Task prompt:
Please copy every line of the data in which the string "source" appears.

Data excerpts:
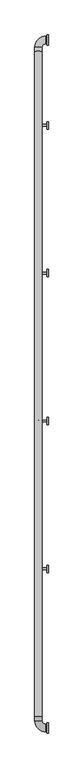
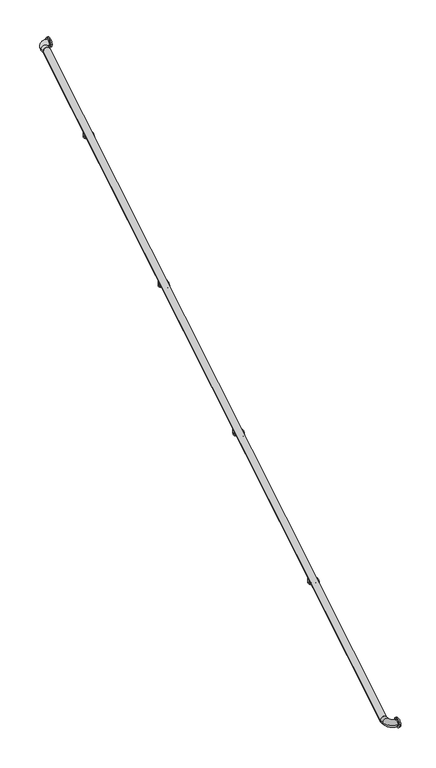
"""IFC4 building model written with IfcOpenShell, lengths in millimetres: railing geometry."""

from ifc_helpers import new_model, si_unit, point, frame, frame_2d, origin, place, context, project, spatial, circle_curve, ellipse_curve, trimmed, segment, composite_curve, outline, extrude, source, transform, mapped, element, save
from ifc_brep_helpers import plane_surface, cylinder_surface, revolved_surface, advanced_brep


def railing_debc8759(model_context):
    return source(origin(), model_context, "Body", "SolidModel", [
        advanced_brep(
        [(20407.2944438, 42249.3496945, 1051.653859), (20458.0944438, 42249.3496945, 1051.653859), (20407.2944438, 46749.3496945, 3771.653859), (20458.0944438, 46749.3496945, 3771.653859)],
        [
            (0, 1, ellipse_curve(frame((20432.6944438, 42249.3496945, 1051.653859), z_axis=(0.0, -1.0, 0.0), x_axis=(0.0, 0.0, -1.0)), 29.6794743, 25.4)),
            (1, 0, ellipse_curve(frame((20432.6944438, 42249.3496945, 1051.653859), z_axis=(0.0, -1.0, 0.0), x_axis=(0.0, 0.0, -1.0)), 29.6794743, 25.4)),
            (2, 3, ellipse_curve(frame((20432.6944438, 46749.3496945, 3771.653859), z_axis=(0.0, 1.0, 0.0), x_axis=(0.0, 0.0, -1.0)), 29.6794743, 25.4)),
            (3, 2, ellipse_curve(frame((20432.6944438, 46749.3496945, 3771.653859), z_axis=(0.0, 1.0, 0.0), x_axis=(0.0, 0.0, -1.0)), 29.6794743, 25.4)),
            (0, 2),
            (3, 1),
        ],
        [
            plane_surface(frame((20432.6944438, 42249.3496945, 1081.3333333), z_axis=(0.0, -1.0, 0.0), x_axis=(0.0, 0.0, 1.0))),
            plane_surface(frame((20432.6944438, 46749.3496945, 3801.3333333), z_axis=(0.0, 1.0, 0.0), x_axis=(0.0, 0.0, 1.0))),
            cylinder_surface(frame((20432.6944438, 42262.4888551, 1059.5957516), z_axis=(0.0, -0.8558103053667958, -0.5172897845772637), x_axis=(1.0, 0.0, 0.0)), 25.4),
        ],
        [
            (0, [[1, 2]]),
            (1, [[3, 4]]),
            (2, [[-1, 5, -4, 6]]),
            (2, [[-2, -6, -3, -5]]),
        ],
    ),
        extrude(outline(composite_curve([segment(trimmed(circle_curve(frame_2d((46249.3496945, 3363.7521624)), 25.4), [point((46274.7496945, 3363.7521624))], [point((46223.9496945, 3363.7521624))], False, "CARTESIAN"), True, "CONTINUOUS"), segment(trimmed(circle_curve(frame_2d((46249.3496945, 3363.7521624)), 25.4), [point((46223.9496945, 3363.7521624))], [point((46274.7496945, 3363.7521624))], False, "CARTESIAN"), True, "CONTINUOUS")], self_intersect=False)), frame((20490.1194438, 0.0, 0.0), z_axis=(1.0, 0.0, 0.0), x_axis=(0.0, 1.0, 0.0)), (0.0, 0.0, 1.0), 9.525),
        advanced_brep(
        [(20432.6444438, 46242.9996945, 3439.7521624), (20432.6444438, 46255.6996945, 3439.7521624), (20432.6444438, 46242.9996945, 3382.8021624), (20432.6444438, 46255.6996945, 3382.8021624), (20451.6944438, 46255.6996945, 3363.7521624), (20451.6944438, 46242.9996945, 3363.7521624), (20490.1194438, 46242.9996945, 3363.7521624), (20490.1194438, 46255.6996945, 3363.7521624)],
        [
            (0, 1, circle_curve(frame((20432.6444438, 46249.3496945, 3439.7521624), z_axis=(0.0, 0.0, 1.0), x_axis=(0.0, 1.0, 0.0)), 6.35)),
            (1, 0, circle_curve(frame((20432.6444438, 46249.3496945, 3439.7521624), z_axis=(0.0, 0.0, 1.0), x_axis=(0.0, 1.0, 0.0)), 6.35)),
            (0, 2),
            (2, 3, circle_curve(frame((20432.6444438, 46249.3496945, 3382.8021624), z_axis=(0.0, 0.0, 1.0), x_axis=(0.0, 1.0, 0.0)), 6.35)),
            (3, 1),
            (3, 2, circle_curve(frame((20432.6444438, 46249.3496945, 3382.8021624), z_axis=(0.0, 0.0, 1.0), x_axis=(0.0, 1.0, 0.0)), 6.35)),
            (4, 3, circle_curve(frame((20451.6944438, 46255.6996945, 3382.8021624), z_axis=(0.0, 1.0, 0.0), x_axis=(-1.0, 0.0, 0.0)), 19.05)),
            (2, 5, circle_curve(frame((20451.6944438, 46242.9996945, 3382.8021624), z_axis=(0.0, -1.0, 0.0), x_axis=(-1.0, 0.0, 0.0)), 19.05)),
            (5, 4, circle_curve(frame((20451.6944438, 46249.3496945, 3363.7521624), z_axis=(-1.0, 0.0, 0.0), x_axis=(0.0, 1.0, 0.0)), 6.35)),
            (4, 5, circle_curve(frame((20451.6944438, 46249.3496945, 3363.7521624), z_axis=(-1.0, 0.0, 0.0), x_axis=(0.0, 1.0, 0.0)), 6.35)),
            (6, 7, circle_curve(frame((20490.1194438, 46249.3496945, 3363.7521624), z_axis=(1.0, 0.0, 0.0), x_axis=(0.0, 1.0, 0.0)), 6.35)),
            (7, 6, circle_curve(frame((20490.1194438, 46249.3496945, 3363.7521624), z_axis=(1.0, 0.0, 0.0), x_axis=(0.0, 1.0, 0.0)), 6.35)),
            (5, 6),
            (7, 4),
        ],
        [
            plane_surface(frame((20432.6444438, 46255.6996945, 3439.7521624), z_axis=(0.0, 0.0, 1.0), x_axis=(1.0, 0.0, 0.0))),
            cylinder_surface(frame((20432.6444438, 46249.3496945, 3439.7521624), z_axis=(0.0, 0.0, 1.0), x_axis=(0.0, 1.0, 0.0)), 6.35),
            revolved_surface(trimmed(ellipse_curve(frame((20432.6444438, 46249.3496945, 3382.8021624), z_axis=(0.0, 0.0, 1.0), x_axis=(0.0, 1.0, 0.0)), 6.35, 6.35), [point((20432.6444438, 46242.9996945, 3382.8021624))], [point((20432.6444438, 46255.6996945, 3382.8021624))], True, "CARTESIAN"), (20451.6944438, 46249.3496945, 3382.8021624), (0.0, -1.0, 0.0)),
            revolved_surface(trimmed(ellipse_curve(frame((20432.6444438, 46249.3496945, 3382.8021624), z_axis=(0.0, 0.0, 1.0), x_axis=(0.0, 1.0, 0.0)), 6.35, 6.35), [point((20432.6444438, 46255.6996945, 3382.8021624))], [point((20432.6444438, 46242.9996945, 3382.8021624))], True, "CARTESIAN"), (20451.6944438, 46249.3496945, 3382.8021624), (0.0, -1.0, 0.0)),
            plane_surface(frame((20490.1194438, 46249.3496945, 3357.4021624), z_axis=(1.0, 0.0, 0.0), x_axis=(0.0, 1.0, 0.0))),
            cylinder_surface(frame((20451.6944438, 46249.3496945, 3363.7521624), z_axis=(-1.0, 0.0, 0.0), x_axis=(0.0, 1.0, 0.0)), 6.35),
        ],
        [
            (0, [[1, 2]]),
            (1, [[-1, 3, 4, 5]]),
            (1, [[-2, -5, 6, -3]]),
            (2, [[7, -4, 8, 9]]),
            (3, [[-8, -6, -7, 10]]),
            (4, [[11, 12]]),
            (5, [[-9, 13, -12, 14]]),
            (5, [[-10, -14, -11, -13]]),
        ],
    ),
        extrude(outline(composite_curve([segment(trimmed(circle_curve(frame_2d((45249.3496945, 2759.307718)), 25.4), [point((45274.7496945, 2759.307718))], [point((45223.9496945, 2759.307718))], False, "CARTESIAN"), True, "CONTINUOUS"), segment(trimmed(circle_curve(frame_2d((45249.3496945, 2759.307718)), 25.4), [point((45223.9496945, 2759.307718))], [point((45274.7496945, 2759.307718))], False, "CARTESIAN"), True, "CONTINUOUS")], self_intersect=False)), frame((20490.1194438, 0.0, 0.0), z_axis=(1.0, 0.0, 0.0), x_axis=(0.0, 1.0, 0.0)), (0.0, 0.0, 1.0), 9.525),
        advanced_brep(
        [(20432.6444438, 45242.9996945, 2835.307718), (20432.6444438, 45255.6996945, 2835.307718), (20432.6444438, 45242.9996945, 2778.357718), (20432.6444438, 45255.6996945, 2778.357718), (20451.6944438, 45255.6996945, 2759.307718), (20451.6944438, 45242.9996945, 2759.307718), (20490.1194438, 45242.9996945, 2759.307718), (20490.1194438, 45255.6996945, 2759.307718)],
        [
            (0, 1, circle_curve(frame((20432.6444438, 45249.3496945, 2835.307718), z_axis=(0.0, 0.0, 1.0), x_axis=(0.0, 1.0, 0.0)), 6.35)),
            (1, 0, circle_curve(frame((20432.6444438, 45249.3496945, 2835.307718), z_axis=(0.0, 0.0, 1.0), x_axis=(0.0, 1.0, 0.0)), 6.35)),
            (0, 2),
            (2, 3, circle_curve(frame((20432.6444438, 45249.3496945, 2778.357718), z_axis=(0.0, 0.0, 1.0), x_axis=(0.0, 1.0, 0.0)), 6.35)),
            (3, 1),
            (3, 2, circle_curve(frame((20432.6444438, 45249.3496945, 2778.357718), z_axis=(0.0, 0.0, 1.0), x_axis=(0.0, 1.0, 0.0)), 6.35)),
            (4, 3, circle_curve(frame((20451.6944438, 45255.6996945, 2778.357718), z_axis=(0.0, 1.0, 0.0), x_axis=(-1.0, 0.0, 0.0)), 19.05)),
            (2, 5, circle_curve(frame((20451.6944438, 45242.9996945, 2778.357718), z_axis=(0.0, -1.0, 0.0), x_axis=(-1.0, 0.0, 0.0)), 19.05)),
            (5, 4, circle_curve(frame((20451.6944438, 45249.3496945, 2759.307718), z_axis=(-1.0, 0.0, 0.0), x_axis=(0.0, 1.0, 0.0)), 6.35)),
            (4, 5, circle_curve(frame((20451.6944438, 45249.3496945, 2759.307718), z_axis=(-1.0, 0.0, 0.0), x_axis=(0.0, 1.0, 0.0)), 6.35)),
            (6, 7, circle_curve(frame((20490.1194438, 45249.3496945, 2759.307718), z_axis=(1.0, 0.0, 0.0), x_axis=(0.0, 1.0, 0.0)), 6.35)),
            (7, 6, circle_curve(frame((20490.1194438, 45249.3496945, 2759.307718), z_axis=(1.0, 0.0, 0.0), x_axis=(0.0, 1.0, 0.0)), 6.35)),
            (5, 6),
            (7, 4),
        ],
        [
            plane_surface(frame((20432.6444438, 45255.6996945, 2835.307718), z_axis=(0.0, 0.0, 1.0), x_axis=(1.0, 0.0, 0.0))),
            cylinder_surface(frame((20432.6444438, 45249.3496945, 2835.307718), z_axis=(0.0, 0.0, 1.0), x_axis=(0.0, 1.0, 0.0)), 6.35),
            revolved_surface(trimmed(ellipse_curve(frame((20432.6444438, 45249.3496945, 2778.357718), z_axis=(0.0, 0.0, 1.0), x_axis=(0.0, 1.0, 0.0)), 6.35, 6.35), [point((20432.6444438, 45242.9996945, 2778.357718))], [point((20432.6444438, 45255.6996945, 2778.357718))], True, "CARTESIAN"), (20451.6944438, 45249.3496945, 2778.357718), (0.0, -1.0, 0.0)),
            revolved_surface(trimmed(ellipse_curve(frame((20432.6444438, 45249.3496945, 2778.357718), z_axis=(0.0, 0.0, 1.0), x_axis=(0.0, 1.0, 0.0)), 6.35, 6.35), [point((20432.6444438, 45255.6996945, 2778.357718))], [point((20432.6444438, 45242.9996945, 2778.357718))], True, "CARTESIAN"), (20451.6944438, 45249.3496945, 2778.357718), (0.0, -1.0, 0.0)),
            plane_surface(frame((20490.1194438, 45249.3496945, 2752.957718), z_axis=(1.0, 0.0, 0.0), x_axis=(0.0, 1.0, 0.0))),
            cylinder_surface(frame((20451.6944438, 45249.3496945, 2759.307718), z_axis=(-1.0, 0.0, 0.0), x_axis=(0.0, 1.0, 0.0)), 6.35),
        ],
        [
            (0, [[1, 2]]),
            (1, [[-1, 3, 4, 5]]),
            (1, [[-2, -5, 6, -3]]),
            (2, [[7, -4, 8, 9]]),
            (3, [[-8, -6, -7, 10]]),
            (4, [[11, 12]]),
            (5, [[-9, 13, -12, 14]]),
            (5, [[-10, -14, -11, -13]]),
        ],
    ),
        extrude(outline(composite_curve([segment(trimmed(circle_curve(frame_2d((44249.3496945, 2154.8632735)), 25.4), [point((44274.7496945, 2154.8632735))], [point((44223.9496945, 2154.8632735))], False, "CARTESIAN"), True, "CONTINUOUS"), segment(trimmed(circle_curve(frame_2d((44249.3496945, 2154.8632735)), 25.4), [point((44223.9496945, 2154.8632735))], [point((44274.7496945, 2154.8632735))], False, "CARTESIAN"), True, "CONTINUOUS")], self_intersect=False)), frame((20490.1194438, 0.0, 0.0), z_axis=(1.0, 0.0, 0.0), x_axis=(0.0, 1.0, 0.0)), (0.0, 0.0, 1.0), 9.525),
        advanced_brep(
        [(20432.6444438, 44242.9996945, 2230.8632735), (20432.6444438, 44255.6996945, 2230.8632735), (20432.6444438, 44242.9996945, 2173.9132735), (20432.6444438, 44255.6996945, 2173.9132735), (20451.6944438, 44255.6996945, 2154.8632735), (20451.6944438, 44242.9996945, 2154.8632735), (20490.1194438, 44242.9996945, 2154.8632735), (20490.1194438, 44255.6996945, 2154.8632735)],
        [
            (0, 1, circle_curve(frame((20432.6444438, 44249.3496945, 2230.8632735), z_axis=(0.0, 0.0, 1.0), x_axis=(0.0, 1.0, 0.0)), 6.35)),
            (1, 0, circle_curve(frame((20432.6444438, 44249.3496945, 2230.8632735), z_axis=(0.0, 0.0, 1.0), x_axis=(0.0, 1.0, 0.0)), 6.35)),
            (0, 2),
            (2, 3, circle_curve(frame((20432.6444438, 44249.3496945, 2173.9132735), z_axis=(0.0, 0.0, 1.0), x_axis=(0.0, 1.0, 0.0)), 6.35)),
            (3, 1),
            (3, 2, circle_curve(frame((20432.6444438, 44249.3496945, 2173.9132735), z_axis=(0.0, 0.0, 1.0), x_axis=(0.0, 1.0, 0.0)), 6.35)),
            (4, 3, circle_curve(frame((20451.6944438, 44255.6996945, 2173.9132735), z_axis=(0.0, 1.0, 0.0), x_axis=(-1.0, 0.0, 0.0)), 19.05)),
            (2, 5, circle_curve(frame((20451.6944438, 44242.9996945, 2173.9132735), z_axis=(0.0, -1.0, 0.0), x_axis=(-1.0, 0.0, 0.0)), 19.05)),
            (5, 4, circle_curve(frame((20451.6944438, 44249.3496945, 2154.8632735), z_axis=(-1.0, 0.0, 0.0), x_axis=(0.0, 1.0, 0.0)), 6.35)),
            (4, 5, circle_curve(frame((20451.6944438, 44249.3496945, 2154.8632735), z_axis=(-1.0, 0.0, 0.0), x_axis=(0.0, 1.0, 0.0)), 6.35)),
            (6, 7, circle_curve(frame((20490.1194438, 44249.3496945, 2154.8632735), z_axis=(1.0, 0.0, 0.0), x_axis=(0.0, 1.0, 0.0)), 6.35)),
            (7, 6, circle_curve(frame((20490.1194438, 44249.3496945, 2154.8632735), z_axis=(1.0, 0.0, 0.0), x_axis=(0.0, 1.0, 0.0)), 6.35)),
            (5, 6),
            (7, 4),
        ],
        [
            plane_surface(frame((20432.6444438, 44255.6996945, 2230.8632735), z_axis=(0.0, 0.0, 1.0), x_axis=(1.0, 0.0, 0.0))),
            cylinder_surface(frame((20432.6444438, 44249.3496945, 2230.8632735), z_axis=(0.0, 0.0, 1.0), x_axis=(0.0, 1.0, 0.0)), 6.35),
            revolved_surface(trimmed(ellipse_curve(frame((20432.6444438, 44249.3496945, 2173.9132735), z_axis=(0.0, 0.0, 1.0), x_axis=(0.0, 1.0, 0.0)), 6.35, 6.35), [point((20432.6444438, 44242.9996945, 2173.9132735))], [point((20432.6444438, 44255.6996945, 2173.9132735))], True, "CARTESIAN"), (20451.6944438, 44249.3496945, 2173.9132735), (0.0, -1.0, 0.0)),
            revolved_surface(trimmed(ellipse_curve(frame((20432.6444438, 44249.3496945, 2173.9132735), z_axis=(0.0, 0.0, 1.0), x_axis=(0.0, 1.0, 0.0)), 6.35, 6.35), [point((20432.6444438, 44255.6996945, 2173.9132735))], [point((20432.6444438, 44242.9996945, 2173.9132735))], True, "CARTESIAN"), (20451.6944438, 44249.3496945, 2173.9132735), (0.0, -1.0, 0.0)),
            plane_surface(frame((20490.1194438, 44249.3496945, 2148.5132735), z_axis=(1.0, 0.0, 0.0), x_axis=(0.0, 1.0, 0.0))),
            cylinder_surface(frame((20451.6944438, 44249.3496945, 2154.8632735), z_axis=(-1.0, 0.0, 0.0), x_axis=(0.0, 1.0, 0.0)), 6.35),
        ],
        [
            (0, [[1, 2]]),
            (1, [[-1, 3, 4, 5]]),
            (1, [[-2, -5, 6, -3]]),
            (2, [[7, -4, 8, 9]]),
            (3, [[-8, -6, -7, 10]]),
            (4, [[11, 12]]),
            (5, [[-9, 13, -12, 14]]),
            (5, [[-10, -14, -11, -13]]),
        ],
    ),
        extrude(outline(composite_curve([segment(trimmed(circle_curve(frame_2d((43249.3496945, 1550.4188291)), 25.4), [point((43274.7496945, 1550.4188291))], [point((43223.9496945, 1550.4188291))], False, "CARTESIAN"), True, "CONTINUOUS"), segment(trimmed(circle_curve(frame_2d((43249.3496945, 1550.4188291)), 25.4), [point((43223.9496945, 1550.4188291))], [point((43274.7496945, 1550.4188291))], False, "CARTESIAN"), True, "CONTINUOUS")], self_intersect=False)), frame((20490.1194438, 0.0, 0.0), z_axis=(1.0, 0.0, 0.0), x_axis=(0.0, 1.0, 0.0)), (0.0, 0.0, 1.0), 9.525),
        advanced_brep(
        [(20432.6444438, 43242.9996945, 1626.4188291), (20432.6444438, 43255.6996945, 1626.4188291), (20432.6444438, 43242.9996945, 1569.4688291), (20432.6444438, 43255.6996945, 1569.4688291), (20451.6944438, 43255.6996945, 1550.4188291), (20451.6944438, 43242.9996945, 1550.4188291), (20490.1194438, 43242.9996945, 1550.4188291), (20490.1194438, 43255.6996945, 1550.4188291)],
        [
            (0, 1, circle_curve(frame((20432.6444438, 43249.3496945, 1626.4188291), z_axis=(0.0, 0.0, 1.0), x_axis=(0.0, 1.0, 0.0)), 6.35)),
            (1, 0, circle_curve(frame((20432.6444438, 43249.3496945, 1626.4188291), z_axis=(0.0, 0.0, 1.0), x_axis=(0.0, 1.0, 0.0)), 6.35)),
            (0, 2),
            (2, 3, circle_curve(frame((20432.6444438, 43249.3496945, 1569.4688291), z_axis=(0.0, 0.0, 1.0), x_axis=(0.0, 1.0, 0.0)), 6.35)),
            (3, 1),
            (3, 2, circle_curve(frame((20432.6444438, 43249.3496945, 1569.4688291), z_axis=(0.0, 0.0, 1.0), x_axis=(0.0, 1.0, 0.0)), 6.35)),
            (4, 3, circle_curve(frame((20451.6944438, 43255.6996945, 1569.4688291), z_axis=(0.0, 1.0, 0.0), x_axis=(-1.0, 0.0, 0.0)), 19.05)),
            (2, 5, circle_curve(frame((20451.6944438, 43242.9996945, 1569.4688291), z_axis=(0.0, -1.0, 0.0), x_axis=(-1.0, 0.0, 0.0)), 19.05)),
            (5, 4, circle_curve(frame((20451.6944438, 43249.3496945, 1550.4188291), z_axis=(-1.0, 0.0, 0.0), x_axis=(0.0, 1.0, 0.0)), 6.35)),
            (4, 5, circle_curve(frame((20451.6944438, 43249.3496945, 1550.4188291), z_axis=(-1.0, 0.0, 0.0), x_axis=(0.0, 1.0, 0.0)), 6.35)),
            (6, 7, circle_curve(frame((20490.1194438, 43249.3496945, 1550.4188291), z_axis=(1.0, 0.0, 0.0), x_axis=(0.0, 1.0, 0.0)), 6.35)),
            (7, 6, circle_curve(frame((20490.1194438, 43249.3496945, 1550.4188291), z_axis=(1.0, 0.0, 0.0), x_axis=(0.0, 1.0, 0.0)), 6.35)),
            (5, 6),
            (7, 4),
        ],
        [
            plane_surface(frame((20432.6444438, 43255.6996945, 1626.4188291), z_axis=(0.0, 0.0, 1.0), x_axis=(1.0, 0.0, 0.0))),
            cylinder_surface(frame((20432.6444438, 43249.3496945, 1626.4188291), z_axis=(0.0, 0.0, 1.0), x_axis=(0.0, 1.0, 0.0)), 6.35),
            revolved_surface(trimmed(ellipse_curve(frame((20432.6444438, 43249.3496945, 1569.4688291), z_axis=(0.0, 0.0, 1.0), x_axis=(0.0, 1.0, 0.0)), 6.35, 6.35), [point((20432.6444438, 43242.9996945, 1569.4688291))], [point((20432.6444438, 43255.6996945, 1569.4688291))], True, "CARTESIAN"), (20451.6944438, 43249.3496945, 1569.4688291), (0.0, -1.0, 0.0)),
            revolved_surface(trimmed(ellipse_curve(frame((20432.6444438, 43249.3496945, 1569.4688291), z_axis=(0.0, 0.0, 1.0), x_axis=(0.0, 1.0, 0.0)), 6.35, 6.35), [point((20432.6444438, 43255.6996945, 1569.4688291))], [point((20432.6444438, 43242.9996945, 1569.4688291))], True, "CARTESIAN"), (20451.6944438, 43249.3496945, 1569.4688291), (0.0, -1.0, 0.0)),
            plane_surface(frame((20490.1194438, 43249.3496945, 1544.0688291), z_axis=(1.0, 0.0, 0.0), x_axis=(0.0, 1.0, 0.0))),
            cylinder_surface(frame((20451.6944438, 43249.3496945, 1550.4188291), z_axis=(-1.0, 0.0, 0.0), x_axis=(0.0, 1.0, 0.0)), 6.35),
        ],
        [
            (0, [[1, 2]]),
            (1, [[-1, 3, 4, 5]]),
            (1, [[-2, -5, 6, -3]]),
            (2, [[7, -4, 8, 9]]),
            (3, [[-8, -6, -7, 10]]),
            (4, [[11, 12]]),
            (5, [[-9, 13, -12, 14]]),
            (5, [[-10, -14, -11, -13]]),
        ],
    ),
        extrude(outline(composite_curve([segment(trimmed(circle_curve(frame_2d((46825.3496945, 3776.0333333)), 35.4), [point((46860.7496945, 3776.0333333))], [point((46789.9496945, 3776.0333333))], False, "CARTESIAN"), True, "CONTINUOUS"), segment(trimmed(circle_curve(frame_2d((46825.3496945, 3776.0333333)), 35.4), [point((46789.9496945, 3776.0333333))], [point((46860.7496945, 3776.0333333))], False, "CARTESIAN"), True, "CONTINUOUS")], self_intersect=False)), frame((20490.1194438, 0.0, 0.0), z_axis=(1.0, 0.0, 0.0), x_axis=(0.0, 1.0, 0.0)), (0.0, 0.0, 1.0), 9.525),
        advanced_brep(
        [(20458.0444438, 46749.3496945, 3776.0333333), (20407.2444438, 46749.3496945, 3776.0333333), (20458.0444438, 46776.8496945, 3776.0333333), (20407.2444438, 46776.8496945, 3776.0333333), (20481.1444438, 46850.7496945, 3776.0333333), (20481.1444438, 46799.9496945, 3776.0333333), (20499.6444438, 46799.9496945, 3776.0333333), (20499.6444438, 46850.7496945, 3776.0333333)],
        [
            (0, 1, circle_curve(frame((20432.6444438, 46749.3496945, 3776.0333333), z_axis=(0.0, -1.0, 0.0), x_axis=(-1.0, 0.0, 0.0)), 25.4)),
            (1, 0, circle_curve(frame((20432.6444438, 46749.3496945, 3776.0333333), z_axis=(0.0, -1.0, 0.0), x_axis=(-1.0, 0.0, 0.0)), 25.4)),
            (0, 2),
            (2, 3, circle_curve(frame((20432.6444438, 46776.8496945, 3776.0333333), z_axis=(0.0, -1.0, 0.0), x_axis=(-1.0, 0.0, 0.0)), 25.4)),
            (3, 1),
            (3, 2, circle_curve(frame((20432.6444438, 46776.8496945, 3776.0333333), z_axis=(0.0, -1.0, 0.0), x_axis=(-1.0, 0.0, 0.0)), 25.4)),
            (4, 3, circle_curve(frame((20481.1444438, 46776.8496945, 3776.0333333), z_axis=(0.0, 0.0, 1.0), x_axis=(-1.0, 0.0, 0.0)), 73.9)),
            (2, 5, circle_curve(frame((20481.1444438, 46776.8496945, 3776.0333333), z_axis=(0.0, 0.0, -1.0), x_axis=(-1.0, 0.0, 0.0)), 23.1)),
            (5, 4, circle_curve(frame((20481.1444438, 46825.3496945, 3776.0333333), z_axis=(-1.0, 0.0, 0.0), x_axis=(0.0, 1.0, 0.0)), 25.4)),
            (4, 5, circle_curve(frame((20481.1444438, 46825.3496945, 3776.0333333), z_axis=(-1.0, 0.0, 0.0), x_axis=(0.0, 1.0, 0.0)), 25.4)),
            (6, 7, circle_curve(frame((20499.6444438, 46825.3496945, 3776.0333333), z_axis=(1.0, 0.0, 0.0), x_axis=(0.0, 1.0, 0.0)), 25.4)),
            (7, 6, circle_curve(frame((20499.6444438, 46825.3496945, 3776.0333333), z_axis=(1.0, 0.0, 0.0), x_axis=(0.0, 1.0, 0.0)), 25.4)),
            (5, 6),
            (7, 4),
        ],
        [
            plane_surface(frame((20432.6444438, 46749.3496945, 3776.0333333), z_axis=(0.0, -1.0, 0.0), x_axis=(0.0, 0.0, 1.0))),
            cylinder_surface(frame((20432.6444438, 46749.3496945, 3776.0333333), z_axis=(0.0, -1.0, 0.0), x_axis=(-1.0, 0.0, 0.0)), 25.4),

Finished exercise:
from ifc_helpers import new_model, si_unit, point, frame, frame_2d, origin, place, context, project, spatial, circle_curve, ellipse_curve, trimmed, segment, composite_curve, outline, extrude, source, transform, mapped, element, save
    return source(origin(), model_context, "Body", "SolidModel", [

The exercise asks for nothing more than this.